_WHAT YOU SHOULD DO_
Type out all the records word for word. Any pictures are to be left out.
◆ ◆ ◆ ◆ ◆ ◆ ◆
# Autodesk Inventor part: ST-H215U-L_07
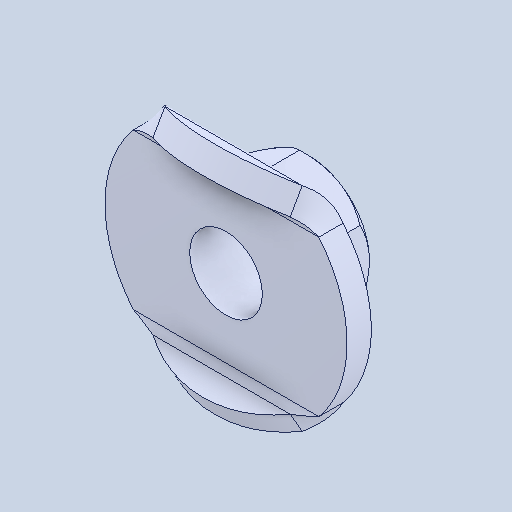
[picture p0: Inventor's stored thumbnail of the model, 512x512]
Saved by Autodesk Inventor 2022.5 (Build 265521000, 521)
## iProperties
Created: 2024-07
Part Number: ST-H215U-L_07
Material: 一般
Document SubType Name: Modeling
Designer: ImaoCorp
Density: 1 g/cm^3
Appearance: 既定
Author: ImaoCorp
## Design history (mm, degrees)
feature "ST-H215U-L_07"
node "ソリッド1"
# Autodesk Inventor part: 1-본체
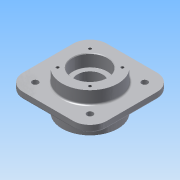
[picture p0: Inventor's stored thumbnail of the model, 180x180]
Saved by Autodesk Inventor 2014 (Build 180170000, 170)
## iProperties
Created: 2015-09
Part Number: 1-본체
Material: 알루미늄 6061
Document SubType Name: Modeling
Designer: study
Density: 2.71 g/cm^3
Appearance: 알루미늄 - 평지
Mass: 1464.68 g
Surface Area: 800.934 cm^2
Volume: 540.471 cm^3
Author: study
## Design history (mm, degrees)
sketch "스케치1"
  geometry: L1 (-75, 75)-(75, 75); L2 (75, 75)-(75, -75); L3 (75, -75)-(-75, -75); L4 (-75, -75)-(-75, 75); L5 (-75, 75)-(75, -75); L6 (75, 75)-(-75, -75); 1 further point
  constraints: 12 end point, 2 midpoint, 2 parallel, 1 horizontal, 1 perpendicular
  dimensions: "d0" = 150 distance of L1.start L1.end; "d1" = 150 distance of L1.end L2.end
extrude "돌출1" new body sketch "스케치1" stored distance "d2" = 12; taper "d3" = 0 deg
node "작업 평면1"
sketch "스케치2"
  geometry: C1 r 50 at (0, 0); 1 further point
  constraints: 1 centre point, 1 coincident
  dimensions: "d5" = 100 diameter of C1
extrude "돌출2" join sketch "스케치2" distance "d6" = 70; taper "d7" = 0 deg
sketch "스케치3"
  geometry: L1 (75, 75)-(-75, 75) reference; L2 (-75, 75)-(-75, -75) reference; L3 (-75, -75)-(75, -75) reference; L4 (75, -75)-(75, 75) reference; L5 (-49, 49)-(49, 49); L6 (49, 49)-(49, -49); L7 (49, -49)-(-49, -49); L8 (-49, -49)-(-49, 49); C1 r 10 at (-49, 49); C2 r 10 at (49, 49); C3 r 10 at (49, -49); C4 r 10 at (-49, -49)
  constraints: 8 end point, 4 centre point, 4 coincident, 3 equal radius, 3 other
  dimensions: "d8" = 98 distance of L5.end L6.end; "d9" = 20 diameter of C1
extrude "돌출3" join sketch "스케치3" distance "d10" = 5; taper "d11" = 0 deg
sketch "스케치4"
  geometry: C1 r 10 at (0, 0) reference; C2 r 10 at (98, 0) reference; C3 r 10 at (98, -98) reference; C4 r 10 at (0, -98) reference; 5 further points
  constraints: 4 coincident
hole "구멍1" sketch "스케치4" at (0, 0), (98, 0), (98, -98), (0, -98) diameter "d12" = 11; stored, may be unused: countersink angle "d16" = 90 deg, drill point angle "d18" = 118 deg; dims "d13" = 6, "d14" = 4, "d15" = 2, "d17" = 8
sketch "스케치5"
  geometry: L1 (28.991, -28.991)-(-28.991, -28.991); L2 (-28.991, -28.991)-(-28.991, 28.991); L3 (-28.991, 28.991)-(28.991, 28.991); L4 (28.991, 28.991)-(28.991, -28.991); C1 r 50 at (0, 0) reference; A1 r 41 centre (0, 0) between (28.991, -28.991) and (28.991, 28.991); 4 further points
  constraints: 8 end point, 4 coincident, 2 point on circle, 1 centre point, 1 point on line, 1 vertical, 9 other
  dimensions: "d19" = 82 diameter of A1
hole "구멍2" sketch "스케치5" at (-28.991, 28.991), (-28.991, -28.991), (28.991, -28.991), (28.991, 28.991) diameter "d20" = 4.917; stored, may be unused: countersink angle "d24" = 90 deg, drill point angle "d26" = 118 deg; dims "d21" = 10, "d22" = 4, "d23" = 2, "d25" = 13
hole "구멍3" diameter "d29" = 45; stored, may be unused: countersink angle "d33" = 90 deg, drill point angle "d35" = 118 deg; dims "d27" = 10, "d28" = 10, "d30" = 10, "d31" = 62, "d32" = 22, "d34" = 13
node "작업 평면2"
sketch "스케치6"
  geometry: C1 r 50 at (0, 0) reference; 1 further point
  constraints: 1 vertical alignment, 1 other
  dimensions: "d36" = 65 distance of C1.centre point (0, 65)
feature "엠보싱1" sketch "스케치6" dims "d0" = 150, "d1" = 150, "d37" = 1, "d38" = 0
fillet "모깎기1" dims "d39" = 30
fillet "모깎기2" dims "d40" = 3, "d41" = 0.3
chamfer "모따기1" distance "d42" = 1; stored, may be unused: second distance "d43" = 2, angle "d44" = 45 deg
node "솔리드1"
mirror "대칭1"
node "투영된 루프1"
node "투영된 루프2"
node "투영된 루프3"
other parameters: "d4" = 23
◆ ◆ ◆ ◆ ◆ ◆ ◆
_SOLUTION TO THIS EXERCISE_
# Autodesk Inventor part: ST-H215U-L_07
[picture p0: Inventor's stored thumbnail of the model, 512x512]
Saved by Autodesk Inventor 2022.5 (Build 265521000, 521)
## iProperties
Created: 2024-07
Part Number: ST-H215U-L_07
Material: 一般
Document SubType Name: Modeling
Designer: ImaoCorp
Density: 1 g/cm^3
Appearance: 既定
Author: ImaoCorp
## Design history (mm, degrees)
feature "ST-H215U-L_07"
node "ソリッド1"
# Autodesk Inventor part: 1-본체
[picture p0: Inventor's stored thumbnail of the model, 180x180]
Saved by Autodesk Inventor 2014 (Build 180170000, 170)
## iProperties
Created: 2015-09
Part Number: 1-본체
Material: 알루미늄 6061
Document SubType Name: Modeling
Designer: study
Density: 2.71 g/cm^3
Appearance: 알루미늄 - 평지
Mass: 1464.68 g
Surface Area: 800.934 cm^2
Volume: 540.471 cm^3
Author: study
## Design history (mm, degrees)
sketch "스케치1"
  geometry: L1 (-75, 75)-(75, 75); L2 (75, 75)-(75, -75); L3 (75, -75)-(-75, -75); L4 (-75, -75)-(-75, 75); L5 (-75, 75)-(75, -75); L6 (75, 75)-(-75, -75); 1 further point
  constraints: 12 end point, 2 midpoint, 2 parallel, 1 horizontal, 1 perpendicular
  dimensions: "d0" = 150 distance of L1.start L1.end; "d1" = 150 distance of L1.end L2.end
extrude "돌출1" new body sketch "스케치1" stored distance "d2" = 12; taper "d3" = 0 deg
node "작업 평면1"
sketch "스케치2"
  geometry: C1 r 50 at (0, 0); 1 further point
  constraints: 1 centre point, 1 coincident
  dimensions: "d5" = 100 diameter of C1
extrude "돌출2" join sketch "스케치2" distance "d6" = 70; taper "d7" = 0 deg
sketch "스케치3"
  geometry: L1 (75, 75)-(-75, 75) reference; L2 (-75, 75)-(-75, -75) reference; L3 (-75, -75)-(75, -75) reference; L4 (75, -75)-(75, 75) reference; L5 (-49, 49)-(49, 49); L6 (49, 49)-(49, -49); L7 (49, -49)-(-49, -49); L8 (-49, -49)-(-49, 49); C1 r 10 at (-49, 49); C2 r 10 at (49, 49); C3 r 10 at (49, -49); C4 r 10 at (-49, -49)
  constraints: 8 end point, 4 centre point, 4 coincident, 3 equal radius, 3 other
  dimensions: "d8" = 98 distance of L5.end L6.end; "d9" = 20 diameter of C1
extrude "돌출3" join sketch "스케치3" distance "d10" = 5; taper "d11" = 0 deg
sketch "스케치4"
  geometry: C1 r 10 at (0, 0) reference; C2 r 10 at (98, 0) reference; C3 r 10 at (98, -98) reference; C4 r 10 at (0, -98) reference; 5 further points
  constraints: 4 coincident
hole "구멍1" sketch "스케치4" at (0, 0), (98, 0), (98, -98), (0, -98) diameter "d12" = 11; stored, may be unused: countersink angle "d16" = 90 deg, drill point angle "d18" = 118 deg; dims "d13" = 6, "d14" = 4, "d15" = 2, "d17" = 8
sketch "스케치5"
  geometry: L1 (28.991, -28.991)-(-28.991, -28.991); L2 (-28.991, -28.991)-(-28.991, 28.991); L3 (-28.991, 28.991)-(28.991, 28.991); L4 (28.991, 28.991)-(28.991, -28.991); C1 r 50 at (0, 0) reference; A1 r 41 centre (0, 0) between (28.991, -28.991) and (28.991, 28.991); 4 further points
  constraints: 8 end point, 4 coincident, 2 point on circle, 1 centre point, 1 point on line, 1 vertical, 9 other
  dimensions: "d19" = 82 diameter of A1
hole "구멍2" sketch "스케치5" at (-28.991, 28.991), (-28.991, -28.991), (28.991, -28.991), (28.991, 28.991) diameter "d20" = 4.917; stored, may be unused: countersink angle "d24" = 90 deg, drill point angle "d26" = 118 deg; dims "d21" = 10, "d22" = 4, "d23" = 2, "d25" = 13
hole "구멍3" diameter "d29" = 45; stored, may be unused: countersink angle "d33" = 90 deg, drill point angle "d35" = 118 deg; dims "d27" = 10, "d28" = 10, "d30" = 10, "d31" = 62, "d32" = 22, "d34" = 13
node "작업 평면2"
sketch "스케치6"
  geometry: C1 r 50 at (0, 0) reference; 1 further point
  constraints: 1 vertical alignment, 1 other
  dimensions: "d36" = 65 distance of C1.centre point (0, 65)
feature "엠보싱1" sketch "스케치6" dims "d0" = 150, "d1" = 150, "d37" = 1, "d38" = 0
fillet "모깎기1" dims "d39" = 30
fillet "모깎기2" dims "d40" = 3, "d41" = 0.3
chamfer "모따기1" distance "d42" = 1; stored, may be unused: second distance "d43" = 2, angle "d44" = 45 deg
node "솔리드1"
mirror "대칭1"
node "투영된 루프1"
node "투영된 루프2"
node "투영된 루프3"
other parameters: "d4" = 23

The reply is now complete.